2025-01-22 17:25:15.208 +00:00 [INF][Microsoft.AspNetCore.Cors.Infrastructure.CorsService] Request origin https://HOSTNAME does not have permission to access the resource.
2025-01-22 17:25:15.212 +00:00 [INF][Microsoft.AspNetCore.Routing.EndpointMiddleware] Executing endpoint ‘/_blazor’
2025-01-22 17:25:15.301 +00:00 [INF][Microsoft.AspNetCore.Authorization.DefaultAuthorizationService] Authorization failed. These requirements were not met:
PowerShellUniversal.PermissionRequirement

Under the enterprise agreement we bought is there any remote support I can get on this so someone can take a look? It is likely something simple that I have missed.

My config on the app side mirrors what has been provided and the azure images from @deroppi are different to the ones on the docs for v5. I have tested making an app that way too and I gett that 500 error.

My Azure Enterprise app has been created following the URL -

docs.powershelluniversal.com

Just to add, the groups claims is in my azure app.
I do not see my account logging under the identities side.
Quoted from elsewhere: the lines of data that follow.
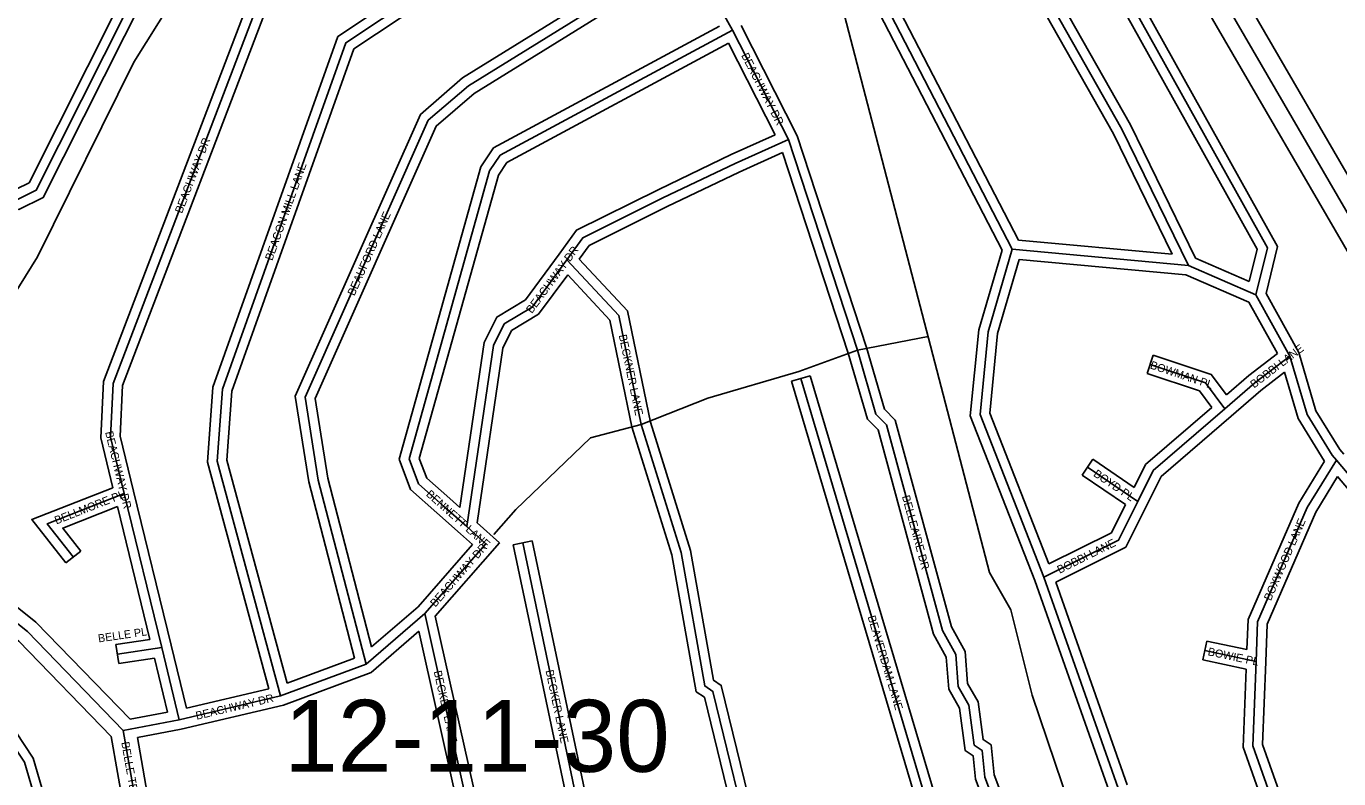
# Model space of a CAD drawing. Extents: x 457167 to 656239, y 1787309 to 1969297.
# Drawn here: x 580059 to 584161, y 1900258 to 1902611 of the extents above; entities that cross this region are included whole.
import ezdxf

# ---------------------------------------------------------------- set-up
doc = ezdxf.new("R2010")
doc.units = 0
for name, color, linetype in [('Level 13', 7, 'Continuous'), ('Level 14', 7, 'Continuous'), ('Level 2', 7, 'Continuous'), ('Level 22', 7, 'Continuous'), ('Level 23', 7, 'Continuous'), ('Level 31', 7, 'Continuous'), ('Level 32', 7, 'Continuous'), ('Level 34', 7, 'Continuous'), ('Level 5', 7, 'Continuous')]:
    doc.layers.add(name, color=color, linetype=linetype)

msp = doc.modelspace()

# ---------------------------------------------------------------- linework, layer by layer
at = {"layer": 'Level 13'}
msp.add_line((584688.869, 1901162.621), (582396.2, 1905115.545), dxfattribs=at)
at = {"layer": 'Level 14'}
for p, q in [((584740.772, 1901192.724), (582448.103, 1905145.647)), ((584636.968, 1901132.518), (582344.298, 1905085.441))]:
    msp.add_line(p, q, dxfattribs=at)
at = {"layer": 'Level 22'}
msp.add_line((580428.56, 1900033.995), (580362.242, 1900409.045), dxfattribs=at)
msp.add_lwpolyline([(580362.242, 1900409.045), (580062.744, 1900718.027), (579859.602, 1900880.267)], dxfattribs=at)
at = {"layer": 'Level 23'}
for p, q in [((580389.425, 1900025.596), (580324.989, 1900390.006)), ((580462.804, 1900070.058), (580406.775, 1900386.923))]:
    msp.add_line(p, q, dxfattribs=at)
for points in [[(580384.317, 1900443.743), (580089.695, 1900747.696), (579884.564, 1900911.523)], [(580324.988, 1900390.006), (580035.794, 1900688.359), (579859.518, 1900829.141)]]:
    msp.add_lwpolyline(points, dxfattribs=at)
at = {"layer": 'Level 31'}
for p, q in [((582266.575, 1902598.675), (582125.284, 1902848.78)), ((582441.067, 1902256.503), (582266.575, 1902598.675)), ((582274.33, 1902181.926), (582441.067, 1902256.503)), ((582656.583, 1901597.52), (582441.067, 1902256.503)), ((582049.027, 1902073.649), (582274.33, 1902181.926)), ((583690.989, 1901862.755), (583140.767, 1901913.656)), ((581639.815, 1901732.647), (581748.524, 1901880.431)), ((583901.593, 1901771.068), (583690.989, 1901862.755)), ((584008.041, 1901578.858), (583901.593, 1901771.068)), ((583898.831, 1901495.433), (584008.041, 1901578.858)), ((583003.924, 1899746.261), (582479.959, 1901509.025)), ((583805.204, 1901414.161), (583898.831, 1901495.433)), ((583533.447, 1901124.871), (583375.647, 1901232.093)), ((584153.338, 1901253.479), (584374.743, 1900990.5)), ((580482.631, 1900668.074), (580365.343, 1901149.412)), ((581362.606, 1901111.381), (581435.916, 1901046.141)), ((581435.916, 1901046.141), (581495.897, 1900992.564)), ((581305.019, 1900774.401), (581495.897, 1900992.564)), ((581820.42, 1899998.442), (581610.676, 1900995.606)), ((583471.604, 1900228.981), (583239.216, 1900887.993)), ((581121.252, 1900616.226), (581305.019, 1900774.401)), ((580482.631, 1900668.074), (580343.971, 1900647.631)), ((580537.49, 1900442.141), (580482.631, 1900668.074)), ((583902.542, 1900624.869), (583742.37, 1900658.637)), ((580854.304, 1900516.767), (581121.252, 1900616.226)), ((580537.49, 1900442.141), (580854.304, 1900516.767)), ((580362.242, 1900409.045), (580537.49, 1900442.141))]:
    msp.add_line(p, q, dxfattribs=at)
for points in [[(582335.899, 1904365.836), (582514.45, 1904471.299), (583937.804, 1901917.545), (583901.593, 1901771.068)], [(583690.989, 1901862.755), (583483.265, 1902288.259), (582826.513, 1903448.117), (582477.519, 1904123.731)], [(583140.767, 1901913.656), (582151.709, 1903824.377), (582151.791, 1903865.832)], [(579794.104, 1902114.238), (580031.815, 1902069.383), (580090.372, 1902097.991), (580656.652, 1903224.119)], [(580854.304, 1900516.767), (580655.499, 1901250.638), (580672.489, 1901475.697), (581057.78, 1902558.929), (581958.997, 1903157.481)], [(581121.252, 1900616.226), (580972.036, 1901191.811), (580930.911, 1901450.443), (581315.758, 1902316.583), (581440.917, 1902424.696), (582125.284, 1902848.78)], [(580330.754, 1901493.124), (580816.27, 1902767.786), (580867.57, 1902824.774)], [(581255.761, 1901258.145), (581507.144, 1902158.012), (581540.624, 1902207.763), (582266.575, 1902598.675)], [(581748.524, 1901880.431), (581798.574, 1901949.059), (582049.027, 1902073.649)], [(583239.216, 1900887.993), (583039.923, 1901396.756), (583065.229, 1901655.256), (583140.767, 1901913.656)], [(581981.167, 1901365.411), (581910.633, 1901706.284), (581748.524, 1901880.431)], [(581435.916, 1901046.141), (581519.718, 1901612.888), (581552.599, 1901680.096), (581639.815, 1901732.647)], [(583237.357, 1899779.255), (583054.859, 1900263.258), (583046.439, 1900346.548), (583021.673, 1900363.325), (583005.069, 1900488.451), (582971.8, 1900546.698), (582963.73, 1900646.716), (582922.23, 1900721.708), (582748.001, 1901363.881), (582714.685, 1901397.401), (582656.583, 1901597.52)], [(584008.041, 1901578.858), (584062.052, 1901396.205), (584140.015, 1901269.505), (584153.338, 1901253.479)], [(583805.204, 1901414.161), (583744.003, 1901496.101), (583571.8, 1901553.529)], [(580365.343, 1901149.412), (580322.148, 1901326.23), (580330.754, 1901493.124)], [(583533.447, 1901124.871), (583581.324, 1901221.143), (583805.204, 1901414.161)], [(582387.155, 1899763.85), (582362.437, 1899964.266), (582337.369, 1899989.043), (582204.914, 1900531.133), (582179.831, 1900547.911), (582105.63, 1900964.792), (581981.167, 1901365.411)], [(581255.761, 1901258.145), (581285.489, 1901179.901), (581362.606, 1901111.381)], [(583902.542, 1900624.869), (583907.234, 1900748.498), (584062.442, 1901105.654), (584153.338, 1901253.479)], [(580365.343, 1901149.412), (580125.114, 1901054.995), (580206.291, 1900951.191)], [(583239.216, 1900887.993), (583472.804, 1901004.262), (583533.447, 1901124.871)], [(581470.657, 1900140.603), (581429.159, 1900215.597), (581305.019, 1900774.401)], [(580543.027, 1898633.378), (580053.642, 1900309.676), (580003.879, 1900384.69), (579687.431, 1900643.528)], [(584550.874, 1899010.497), (584405.606, 1899192.962), (584071.775, 1899853.983), (583891.854, 1900360.887), (583902.542, 1900624.869)]]:
    msp.add_lwpolyline(points, dxfattribs=at)
at = {"layer": 'Level 32'}
for p, q in [((582468.855, 1902268.05), (582293.011, 1902612.874)), ((582399.999, 1902270.999), (582253.788, 1902557.714)), ((582261.706, 1902209.144), (582399.999, 1902270.999)), ((582685.254, 1901606.366), (582468.855, 1902268.049)), ((582286.955, 1902154.708), (582422.909, 1902215.516)), ((582627.914, 1901588.671), (582422.909, 1902215.516)), ((582035.665, 1902100.509), (582261.706, 1902209.144)), ((582062.389, 1902046.787), (582286.955, 1902154.708)), ((583640.623, 1901897.542), (583159.869, 1901942.016)), ((581619.2, 1901755.251), (581724.358, 1901898.208)), ((583880.995, 1901812.756), (583713.1, 1901885.849)), ((583683.431, 1901833.325), (583162.625, 1901881.504)), ((581660.431, 1901710.042), (581751.236, 1901833.486)), ((583880.284, 1901747.626), (583683.431, 1901833.325)), ((584035.879, 1901590.516), (583933.544, 1901775.3)), ((583969.251, 1901586.978), (583880.283, 1901747.626)), ((583562.309, 1901525.069), (583581.29, 1901581.989)), ((583879.874, 1901518.704), (583969.251, 1901586.978)), ((582451.203, 1901500.477), (582508.716, 1901517.573)), ((583025.317, 1899779.582), (582508.716, 1901517.573)), ((583809.919, 1901457.981), (583879.874, 1901518.704)), ((583917.789, 1901472.161), (583991.629, 1901528.566)), ((582967.102, 1899764.853), (582451.203, 1901500.477)), ((583824.869, 1901391.505), (583917.789, 1901472.161)), ((583358.787, 1901207.278), (583392.508, 1901256.906)), ((583521.887, 1901168.997), (583392.508, 1901256.906)), ((583494.826, 1901114.843), (583358.787, 1901207.278)), ((584157.139, 1901202.383), (584338.78, 1900986.633)), ((580511.779, 1900675.176), (580394.491, 1901156.514)), ((580445.692, 1900692.952), (580344.333, 1901108.918)), ((581382.55, 1901133.791), (581414.364, 1901105.48)), ((581342.663, 1901088.97), (581415.973, 1901023.729)), ((581415.931, 1901023.766), (581453.767, 1900989.971)), ((581467.96, 1901057.745), (581538.029, 1900995.156)), ((581283.839, 1900795.754), (581453.767, 1900989.971)), ((581337.599, 1900766.078), (581538.029, 1900995.156)), ((581581.319, 1900989.43), (581640.034, 1901001.78)), ((581779.45, 1900047.478), (581581.319, 1900989.43)), ((581846.52, 1900020.11), (581640.034, 1901001.78)), ((580229.923, 1900969.671), (580182.659, 1900932.709)), ((583443.464, 1900218.574), (583211.095, 1900877.53)), ((583499.747, 1900239.388), (583276.331, 1900872.954)), ((581138.202, 1900670.396), (581283.839, 1900795.754)), ((581136.756, 1900589.986), (581286.602, 1900718.966)), ((580445.692, 1900692.952), (580339.595, 1900677.311)), ((580348.348, 1900617.95), (580339.595, 1900677.311)), ((580559.614, 1900478.173), (580511.784, 1900675.153)), ((583736.182, 1900629.281), (583748.559, 1900687.992)), ((583873.914, 1900661.564), (583748.559, 1900687.992)), ((580459.935, 1900634.401), (580348.348, 1900617.95)), ((580500.884, 1900465.758), (580459.935, 1900634.401)), ((580874.659, 1900556.366), (581085.422, 1900634.891)), ((583871.541, 1900600.744), (583736.182, 1900629.281)), ((580863.016, 1900487.996), (581136.757, 1900589.986)), ((580559.614, 1900478.173), (580817.239, 1900538.858)), ((580384.316, 1900443.743), (580500.884, 1900465.758)), ((580543.717, 1900412.784), (580863.016, 1900487.996)), ((580406.775, 1900386.923), (580543.718, 1900412.785))]:
    msp.add_line(p, q, dxfattribs=at)
for points in [[(582319.358, 1904390.907), (582525.679, 1904512.774), (583969.764, 1901921.822), (583933.544, 1901775.301)], [(582376.878, 1904355.196), (582503.221, 1904429.824), (583905.842, 1901913.267), (583880.996, 1901812.756)], [(583640.623, 1901897.543), (583456.708, 1902274.274), (582800.124, 1903433.837), (582451.228, 1904109.261)], [(583713.099, 1901885.849), (583509.824, 1902302.243), (582852.902, 1903462.398), (582503.813, 1904138.197)], [(583108.6, 1901910.537), (582121.694, 1903817.101), (582121.775, 1903857.911)], [(583159.868, 1901942.016), (582181.724, 1903831.653), (582181.808, 1903873.752)], [(579788.541, 1902084.757), (580036.038, 1902038.056), (580112.63, 1902075.476), (580683.914, 1903211.55)], [(579799.665, 1902143.719), (580027.594, 1902100.71), (580068.114, 1902120.506), (580615.809, 1903209.671)], [(580817.239, 1900538.858), (580625.196, 1901247.763), (580642.876, 1901481.964), (581032.862, 1902578.394), (581919.243, 1903167.091)], [(580874.659, 1900556.366), (580685.802, 1901253.513), (580702.102, 1901469.431), (581082.699, 1902539.463), (581948.188, 1903114.286)], [(580301.039, 1901499.386), (580790.227, 1902783.697), (580845.025, 1902844.566)], [(581085.421, 1900634.891), (580942.634, 1901185.676), (580899.888, 1901454.506), (581291.067, 1902334.9), (581423.1, 1902448.949), (582085.483, 1902859.409)], [(580360.473, 1901486.86), (580842.313, 1902751.876), (580890.115, 1902804.981)], [(581138.202, 1900670.396), (581001.438, 1901197.944), (580961.934, 1901446.38), (581340.449, 1902298.267), (581458.734, 1902400.443), (582114.531, 1902806.821)], [(581224.214, 1901256.713), (581479.552, 1902170.746), (581519.874, 1902230.664), (582225.397, 1902610.573)], [(581287.311, 1901259.575), (581534.734, 1902145.278), (581561.375, 1902184.863), (582253.787, 1902557.715)], [(581724.284, 1901898.109), (581778.653, 1901972.656), (582035.665, 1902100.509)], [(581787.35, 1901882.752), (581818.495, 1901925.461), (582062.389, 1902046.787)], [(583211.095, 1900877.529), (583009.364, 1901392.516), (583035.645, 1901660.977), (583108.6, 1901910.537)], [(582010.25, 1901372.918), (581938.311, 1901720.582), (581787.35, 1901882.752)], [(583255.195, 1900929.456), (583070.481, 1901400.997), (583094.813, 1901649.536), (583162.625, 1901881.504)], [(581952.085, 1901357.902), (581882.955, 1901691.986), (581751.236, 1901833.486)], [(581414.365, 1901105.48), (581490.721, 1901621.886), (581529.538, 1901701.227), (581619.2, 1901755.251)], [(581467.959, 1901057.745), (581548.714, 1901603.89), (581575.659, 1901658.965), (581660.431, 1901710.042)], [(583278.644, 1899754.79), (583084.312, 1900270.175), (583074.876, 1900363.521), (583049.642, 1900380.614), (583034.034, 1900498.224), (583001.166, 1900555.773), (582993.114, 1900655.58), (582950.234, 1900733.063), (582774.877, 1901379.397), (582741.362, 1901413.12), (582685.254, 1901606.366)], [(583196.071, 1899803.717), (583025.405, 1900256.341), (583018, 1900329.576), (582993.704, 1900346.036), (582976.102, 1900478.676), (582942.435, 1900537.624), (582934.348, 1900637.852), (582894.225, 1900710.353), (582721.126, 1901348.363), (582688.009, 1901381.684), (582627.914, 1901588.671)], [(583809.919, 1901457.981), (583762.413, 1901521.586), (583581.29, 1901581.989)], [(584035.879, 1901590.516), (584089.69, 1901408.533), (584164.449, 1901287.043), (584176.408, 1901272.657)], [(583764.43, 1901418.617), (583725.593, 1901470.615), (583562.309, 1901525.069)], [(583991.629, 1901528.566), (584034.414, 1901383.876), (584115.582, 1901251.967), (584116.506, 1901250.855)], [(580329.983, 1901167.748), (580291.96, 1901323.383), (580301.039, 1901499.386)], [(580394.487, 1901156.531), (580352.334, 1901329.077), (580360.473, 1901486.86)], [(583521.887, 1901168.997), (583557.154, 1901239.916), (583764.43, 1901418.617)], [(582351.081, 1899811.258), (582333.937, 1899950.252), (582310.241, 1899973.676), (582178.54, 1900512.681), (582152.534, 1900530.077), (582076.424, 1900957.686), (581952.085, 1901357.902)], [(582414.634, 1899786.146), (582390.936, 1899978.278), (582364.496, 1900004.411), (582231.289, 1900549.585), (582207.129, 1900565.745), (582134.838, 1900971.899), (582010.25, 1901372.918)], [(583560.309, 1901111.512), (583605.493, 1901202.369), (583824.793, 1901391.439)], [(581224.213, 1901256.713), (581260.059, 1901162.364), (581342.679, 1901088.954)], [(581287.312, 1901259.575), (581310.919, 1901197.439), (581382.533, 1901133.808)], [(583873.913, 1900661.564), (583877.469, 1900755.277), (584035.774, 1901119.559), (584116.507, 1901250.855)], [(583932.521, 1900623.731), (583936.999, 1900741.719), (584089.109, 1901091.749), (584157.139, 1901202.384)], [(580329.982, 1901167.748), (580076.701, 1901068.201), (580182.659, 1900932.709)], [(580344.334, 1901108.918), (580173.526, 1901041.788), (580229.923, 1900969.671)], [(583255.194, 1900929.456), (583450.49, 1901026.666), (583494.826, 1901114.843)], [(583276.331, 1900872.954), (583495.119, 1900981.857), (583560.25, 1901111.395)], [(581491.774, 1900164.404), (581457.505, 1900226.333), (581337.599, 1900766.077)], [(581411.309, 1900185.894), (581400.811, 1900204.862), (581286.602, 1900718.966)], [(580564.332, 1898667.456), (580081.162, 1900322.461), (580026.377, 1900405.046), (579728.365, 1900648.804)], [(584546.519, 1899064.134), (584430.996, 1899209.237), (584099.411, 1899865.811), (583922.064, 1900365.462), (583932.519, 1900623.655)], [(584514.824, 1899007.61), (584380.216, 1899176.687), (584044.139, 1899842.156), (583861.644, 1900356.311), (583871.541, 1900600.744)]]:
    msp.add_lwpolyline(points, dxfattribs=at)
at = {"layer": 'Level 5'}
for p, q in [((582656.583, 1901597.52), (582877.418, 1901640.099)), ((582473.327, 1901531.338), (582656.583, 1901597.52)), ((582189.574, 1901448.268), (582473.327, 1901531.338)), ((581981.167, 1901365.411), (582189.574, 1901448.268)), ((581588.947, 1901099.287), (581691.199, 1901197.264)), ((581520.911, 1901021.254), (581588.947, 1901099.287))]:
    msp.add_line(p, q, dxfattribs=at)
for points in [[(579781.515, 1897797.021), (579723.579, 1898180.56), (579657.115, 1898414.045), (579516.342, 1899289.525), (579491.372, 1899306.206), (579491.431, 1899372.887), (579466.46, 1899397.937), (579292.464, 1900423.501), (579292.662, 1900598.566), (580094.305, 1901889.851), (580395.051, 1902498.077), (580770.839, 1903097.903), (580954.725, 1903547.876), (581105.063, 1903839.483), (581221.933, 1903972.737), (581455.514, 1904147.532), (581572.482, 1904389.189)], [(584199.519, 1897567.208), (583667.64, 1899135.033), (583651.069, 1899218.395), (583509.772, 1899610.363), (583202.305, 1900519.354), (583135.871, 1900786.19), (583069.309, 1900902.962), (582596.088, 1902720.814), (582354.858, 1903212.915), (582046.967, 1903738.436), (581572.482, 1904389.189)], [(581691.199, 1901197.264), (581822.756, 1901323.911), (581981.167, 1901365.411)]]:
    msp.add_lwpolyline(points, dxfattribs=at)

# ---------------------------------------------------------------- texts
at = {"layer": 'Level 2'}
msp.add_text('12-11-30', height=225, dxfattribs=at).set_placement((580865.735, 1900279.545))
at = {"layer": 'Level 34'}
for s, height, rotation, p in [('BEACHWAY DR', 24.99916, 297.019103, (582292.895, 1902519.551)), ('BEACHWAY DR', 25, 69.147389, (580546.178, 1902023.579)), ('BEACON MILL LANE', 25, 70.419269, (580828.146, 1901876.027)), ('BEAUFORD LANE', 24.99916, 66.042392, (581084.689, 1901765.759)), ('BEACHWAY DR', 25, 53.661247, (581639.29, 1901710.842)), ('BECKNER LANE', 25, 281.690058, (581910.685, 1901644.35)), ('BOBBI LANE', 25, 37.374942, (583896.073, 1901477.598)), ('BOWMAN PL', 25, 341.556403, (583569.243, 1901541.206)), ('BEACHWAY DR', 25, 283.727311, (580305.594, 1901341.331)), ('BOYD PL', 25, 325.804808, (583392.033, 1901205.846)), ('BELLMORE PL', 25, 21.455742, (580153.506, 1901052.724)), ('BENNETT LANE', 25, 318.333325, (581306.602, 1901144.487)), ('BELLEAIRE DR', 25, 285.178994, (582795.589, 1901140.745)), ('BOXWOOD LANE', 25, 66.510961, (583948.66, 1900812.471)), ('BEACHWAY DR', 25, 48.8151, (581337.69, 1900792.764)), ('BOBBI LANE', 25, 26.461267, (583288.41, 1900898.517)), ('BEAVERDAM LANE', 25, 286.5535, (582688.282, 1900764.303)), ('BELLE PL', 25, 8.38665, (580285.614, 1900683.986)), ('BOWIE PL', 25, 348.09475, (583750.074, 1900644.239)), ('BECKET LANE', 25, 282.524431, (581332.449, 1900593.291)), ('BECKER LANE', 25, 281.877881, (581682.02, 1900595.701)), ('BEACHWAY DR', 25, 13.25425, (580592.077, 1900442.157)), ('BELLE TERRE PKWY', 24.99916, 280.027161, (580356.194, 1900371.465))]:
    msp.add_text(s, height=height, rotation=rotation, dxfattribs=at).set_placement(p)

doc.saveas('drawing.dxf')

Feel free to open a support case and we can get something scheduled.

Ironman Software Support

@Adam Driscoll I have created an account and its states pending admin approval.

Hi Adam,
The ticket ID is #10185

@Adam Driscoll@deroppi
Hi Adam,
Thank you for your support.

For everyone else’s awareness, there was a checkbox called ‘Limit Identities’ that restricted this access. Once unchecked it worked.

EDIT - It is under - Settings/General/Platform

Just for clarity, are you referring to the checkbox under Settings/General/Platform that limits access to identities that have been added to the Identities list?

That is correct.

There is an issue with groups, Adam is looking into that.
Right now anyone who is in my tenant can sign into the application (they have no perms though) It does not take into account only users assigned to the enterpise app.

Gotcha. The purpose of that option (at least how I understand it) is that it’s sort of a failsafe to make sure when you’re using external authentication methods that look to see if you’re a member of a group, or something along those lines, that someone malicious couldn’t just add themselves to that group to gain access to PSU inherently because they haven’t explicitly been added as an identity in PSU directly.

Hmm, that makes sense.

Once the groups are fixed, ill enable it again and see if it lets me in as I am part of a group that is set on the Entra App.

If it still does not take into account users who are in that group, you can use a conditional access policy to restrict the access on your app side too.